WHAT THE TASK REQUIRES: Return the lines below in which the string "constraints" occurs.

RECORDS FOR THIS TASK:
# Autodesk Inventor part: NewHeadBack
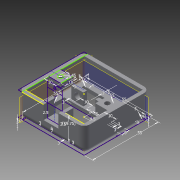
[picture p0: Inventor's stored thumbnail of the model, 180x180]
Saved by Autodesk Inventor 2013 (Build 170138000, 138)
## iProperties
Created: 2013-04
Part Number: NewHeadBack
Material: Generic
Document SubType Name: Modeling
Designer: frankenteddy
Density: 1 g/cm^3
Author: frankenteddy
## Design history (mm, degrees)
node "Blocks"
  sketch "Block1"
    geometry: L1 (49.279, 30.472)-(71.779, 30.472); L2 (71.779, 30.472)-(71.779, 18.072); L3 (71.779, 18.072)-(49.279, 18.072); L4 (49.279, 18.072)-(49.279, 30.472); L5 (49.279, 30.472)-(44.779, 30.472); L6 (44.779, 30.472)-(44.779, 18.072); L7 (44.779, 18.072)-(49.279, 18.072); L8 (49.279, 18.072)-(49.279, 30.472); L9 (71.779, 30.472)-(76.279, 30.472); L10 (76.279, 30.472)-(76.279, 18.072); L11 (76.279, 18.072)-(71.779, 18.072); L12 (71.779, 18.072)-(71.779, 30.472); L13 (44.779, 24.272)-(76.279, 24.272); L14 (60.529, 30.472)-(60.529, 18.072); L15 (47.029, 30.472)-(47.029, 18.072); L16 (74.029, 30.472)-(74.029, 18.072); C1 r 1.1 at (47.029, 24.272); C2 r 1.1 at (74.029, 24.272); 1 further point
    constraints: 32 end point, 8 midpoint, 6 parallel, 3 horizontal, 3 perpendicular, 2 centre point, 2 point on line
    dimensions: "d9" = 22.5 distance of L2.end L3.end; "d10" = 12.4 distance of L1.end L2.end; "d11" = 4.5 distance of L7.end L6.end; "d12" = 4.5 distance of L10.end L11.end; "d13" = 2.2 diameter of C1; "d14" = 2.2 diameter of C2; "d15" = 2.25 distance between parallel lines of L10 L16
sketch "Sketch1"
  geometry: L1 (-27.5, 27.5)-(27.5, 27.5); L2 (27.5, 27.5)-(27.5, -27.5); L3 (27.5, -27.5)-(-27.5, -27.5); L4 (-27.5, -27.5)-(-27.5, 27.5); L5 (-24.5, 24.5)-(24.5, 24.5); L6 (24.5, 24.5)-(24.5, -24.5); L7 (24.5, -24.5)-(-24.5, -24.5); L8 (-24.5, -24.5)-(-24.5, 24.5); L9 (-23.5, 27.5)-(-23.5, -27.5); L10 (-27.5, 23.5)-(27.5, 23.5); L11 (-27.5, 4.5)-(27.5, 4.5); L12 (-5, 4.5)-(-15, 4.5); L13 (-15, 4.5)-(-15, 7.5); L14 (-15, 7.5)-(-5, 7.5); L15 (-5, 7.5)-(-5, 4.5); L16 (5, 4.5)-(15, 4.5); L17 (15, 4.5)-(15, 7.5); L18 (15, 7.5)-(5, 7.5); L19 (5, 7.5)-(5, 4.5); L20 (-24.5, 9)-(24.5, 9); L21 (24.5, 9)-(24.5, 3); L22 (24.5, 3)-(-24.5, 3); L23 (-24.5, 3)-(-24.5, 9); L24 (5, 6)-(15, 6); 5 further points
  constraints: 48 end point, 10 parallel, 10 point on line, 8 perpendicular, 5 horizontal, 4 midpoint, 2 coincident, 1 horizontal alignment, 1 vertical alignment
  dimensions: "d0" = 55 distance of L1.start L1.end; "d2" = 55 distance of L1.end L2.end; "d3" = 3 distance between parallel lines of L5 L1; "d4" = 3 distance between parallel lines of L8 L4; "d5" = 3 distance between parallel lines of L2 L6; "d6" = 3 distance between parallel lines of L3 L7; "d48" = 4 distance between parallel lines of L10 L1; "d49" = 4 distance between parallel lines of L4 L9; "d67" = 4.5 distance from line of L11 point (0, 0); "d68" = 10 distance of L13.end L14.end; "d69" = 3 distance of L12.end L13.end; "d70" = 5 distance from line of L15 point (0, 0); "d71" = 10 distance of L18.end L17.end; "d72" = 3 distance of L17.end L16.end; "d73" = 5 distance from line of L19 point (0, 0); "d74" = 6 distance of L20.end L21.end; "d75" = 3 distance between parallel lines of L24 L20
extrude "Extrusion1" new body sketch "Sketch1" distance "d7" = 19.75; taper "d8" = 0 deg
sketch "Sketch2"
  geometry: L1 (0, 0)-(49, 0) reference; L2 (49, -19.75)-(0, -19.75) reference; L3 (24.5, -19.75)-(24.5, 0); L4 (15.8, 0)-(15.8, -19.75); L5 (33.2, -19.75)-(33.2, 0); L6 (15.8, -19.75)-(33.2, -19.75); L7 (0, 0)-(0, -19.75) reference; L8 (49, 0)-(49, -19.75) reference; L9 (0, -3)-(15.8, -3); L10 (33.2, -3)-(49, -3)
  constraints: 12 end point, 8 point on line, 5 perpendicular, 2 vertical, 1 midpoint
  dimensions: "d16" = 4 dimension on L1; "d17" = 19.75 dimension on L1 (derived); "d18" = 2.5 dimension on L4; "d19" = 2.5 dimension on L5; "d35" = 3 distance between parallel lines of L9 L1; "d36" = 3 distance between parallel lines of L10 L1
  node "Block1:1" dims "d16" = 4, "d17" = 19.75 (derived), "d18" = 2.5, "d19" = 2.5, "d35" = 3, "d36" = 3
extrude "Extrusion2" join sketch "Sketch2" distance "d20" = 7; taper "d21" = 0 deg
extrude "Extrusion3" cut sketch "Sketch2" distance "d22" = 7; taper "d23" = 0 deg
extrude "Extrusion4" cut sketch "Sketch2" distance "d24" = 3; taper "d25" = 0 deg
sketch "Sketch3"
  geometry: L1 (-27.5, -27.5)-(-6.2, -27.5) reference; L2 (-27.5, 27.5)-(-24.5, 27.5); L3 (-24.5, 27.5)-(-24.5, -27.5); L4 (-24.5, -27.5)-(-27.5, -27.5); L5 (-27.5, -27.5)-(-27.5, 27.5); L6 (-27.5, 0)-(0, 0); L7 (-24.5, 5)-(-14.5, 5); L8 (-14.5, 5)-(-14.5, -5); L9 (-14.5, -5)-(-24.5, -5); L10 (-24.5, -5)-(-24.5, 5); L11 (-19.5, 5)-(-19.5, -5); C1 r 2 at (-19.5, 0)
  constraints: 20 end point, 4 midpoint, 4 parallel, 3 perpendicular, 2 horizontal, 2 point on line, 1 centre point
  dimensions: "d26" = 10 distance of L8.end L9.end; "d27" = 10 distance of L7.end L8.end; "d28" = 5 distance between parallel lines of L7 L6; "d29" = 4 diameter of C1
extrude "Extrusion5" join sketch "Sketch3" distance "d30" = 3; taper "d31" = 0 deg
sketch "Sketch4"
  geometry: L1 (24.5, 5)-(14.5, 5); L2 (14.5, 5)-(14.5, -5); L3 (14.5, -5)-(24.5, -5); L4 (24.5, -5)-(24.5, 5); L5 (19.5, 5)-(19.5, -5); L6 (14.5, 0)-(24.5, 0); L7 (19.5, 4.879)-(23.725, 2.439); L8 (23.725, 2.439)-(23.725, -2.439); L9 (23.725, -2.439)-(19.5, -4.879); L10 (19.5, -4.879)-(15.275, -2.439); L11 (15.275, -2.439)-(15.275, 2.439); L12 (15.275, 2.439)-(19.5, 4.879); C1 r 2 at (19.5, 0) reference; 2 further points
  constraints: 24 end point, 4 midpoint, 2 parallel, 1 coincident, 1 horizontal, 1 perpendicular, 1 point on line, 13 other
  dimensions: "d32" = 8.45 distance between parallel lines of L8 L11
extrude "Extrusion6" join sketch "Sketch4" distance "d33" = 3; taper "d34" = 0 deg
extrude "Extrusion7" join sketch "Sketch2" distance "d37" = 5; taper "d38" = 0 deg
sketch "Sketch5"
  geometry: L1 (0, 0)-(-19.75, 0) reference; L2 (0, 49)-(0, 0) reference; L3 (0, 49)-(-19.75, 49) reference; L4 (-3, 49)-(-3, 0); 1 further point
  constraints: 2 end point, 2 point on line, 1 perpendicular
  dimensions: "d39" = 3 distance between parallel lines of L4 L2
extrude "Extrusion8" join sketch "Sketch5" distance "d40" = 5; taper "d41" = 0 deg
sketch "Sketch6"
  geometry: L1 (49, 0)-(0, 0) reference; L2 (49, 0)-(49, 19.75) reference; L3 (0, 0)-(0, 19.75) reference; L4 (0, 3)-(49, 3); 1 further point
  constraints: 2 end point, 2 point on line, 1 perpendicular
  dimensions: "d42" = 3 distance between parallel lines of L4 L1
extrude "Extrusion9" join sketch "Sketch6" distance "d43" = 5; taper "d44" = 0 deg
mirror "Mirror1"
workplane "Work Plane1"
workplane "Work Plane2"
sketch "Sketch7"
  geometry: L1 (0, 0)-(-55, 0) reference; L2 (-55, 0)-(-55, 1); L3 (-55, 1)-(0, 1); L4 (0, 1)-(0, 0) reference; L5 (-4, 1)-(-4, 0); L6 (-51, 1)-(-51, 0); L7 (-27.5, 1)-(-27.5, 0); L8 (-27.5, 3.5)-(-27.5, -1.5); L9 (-4, 3.5)-(-4, -1.5); L10 (-51, 3.5)-(-51, -1.5); A1 r 2.5 centre (-51, 1) between (-51, 3.5) and (-51, -1.5); A2 r 2.5 centre (-4, 1) between (-4, 3.5) and (-4, -1.5); A3 r 2.5 centre (-27.5, 1) between (-27.5, 3.5) and (-27.5, -1.5)
  constraints: 20 end point, 6 point on circle, 4 parallel, 4 point on line, 3 centre point, 3 coincident, 3 perpendicular, 2 horizontal, 1 collinear, 1 midpoint, 1 vertical
  dimensions: "d51" = 55 distance of L2.end L3.end; "d52" = 1 distance of L1.end L2.end; "d53" = 4 distance between parallel lines of L5 L4; "d54" = 4 distance between parallel lines of L2 L6; "d55" = 5 diameter of A1; "d56" = 5 diameter of A2; "d57" = 5 diameter of A3
sketch "Sketch8"
  geometry: L1 (0, 0)-(-55, 0) reference; L2 (-55, 0)-(-55, 1); L3 (-55, 1)-(0, 1); L4 (0, 1)-(0, 0) reference; L5 (-27.5, 1)-(-27.5, 0); L6 (-27.5, 3.5)-(-27.5, -1.5); A1 r 2.5 centre (-27.5, 1) between (-27.5, 3.5) and (-27.5, -1.5)
  constraints: 12 end point, 2 horizontal, 2 parallel, 2 point on circle, 1 centre point, 1 coincident, 1 collinear, 1 midpoint, 1 perpendicular, 1 vertical
  dimensions: "d61" = 55 distance of L2.end L3.end; "d62" = 1 distance of L1.end L2.end; "d63" = 5 diameter of A1
extrude "Extrusion10" cut sketch "Sketch2" distance "d65" = 6; taper "d66" = 0 deg
extrude "Extrusion11" join sketch "Sketch1" distance "d76" = 3; taper "d77" = 0 deg
extrude "Extrusion12" join sketch "Sketch1" distance "d78" = 13; taper "d79" = 0 deg
sketch "Sketch9"
  geometry: C1 r 2.6 at (5, -5); 1 further point
  constraints: 1 centre point
  dimensions: "d80" = 5.2 diameter of C1
sketch "Sketch10"
  geometry: C1 r 2.6 at (5, -5); 1 further point
  constraints: 1 centre point
  dimensions: "d81" = 5.2 diameter of C1
extrude "Extrusion13" cut sketch "Sketch9" distance "d82" = 3; taper "d83" = 0 deg
extrude "Extrusion14" cut sketch "Sketch10" distance "d84" = 3; taper "d85" = 0 deg
fillet "Fillet10" dims "d98" = 3
fillet "Fillet11" dims "d99" = 5
body "Solid1"

EXERCISE SOLUTION:
    constraints: 32 end point, 8 midpoint, 6 parallel, 3 horizontal, 3 perpendicular, 2 centre point, 2 point on line
  constraints: 48 end point, 10 parallel, 10 point on line, 8 perpendicular, 5 horizontal, 4 midpoint, 2 coincident, 1 horizontal alignment, 1 vertical alignment
  constraints: 12 end point, 8 point on line, 5 perpendicular, 2 vertical, 1 midpoint
  constraints: 20 end point, 4 midpoint, 4 parallel, 3 perpendicular, 2 horizontal, 2 point on line, 1 centre point
  constraints: 24 end point, 4 midpoint, 2 parallel, 1 coincident, 1 horizontal, 1 perpendicular, 1 point on line, 13 other
  constraints: 2 end point, 2 point on line, 1 perpendicular
  constraints: 2 end point, 2 point on line, 1 perpendicular
  constraints: 20 end point, 6 point on circle, 4 parallel, 4 point on line, 3 centre point, 3 coincident, 3 perpendicular, 2 horizontal, 1 collinear, 1 midpoint, 1 vertical
  constraints: 12 end point, 2 horizontal, 2 parallel, 2 point on circle, 1 centre point, 1 coincident, 1 collinear, 1 midpoint, 1 perpendicular, 1 vertical
  constraints: 1 centre point
  constraints: 1 centre point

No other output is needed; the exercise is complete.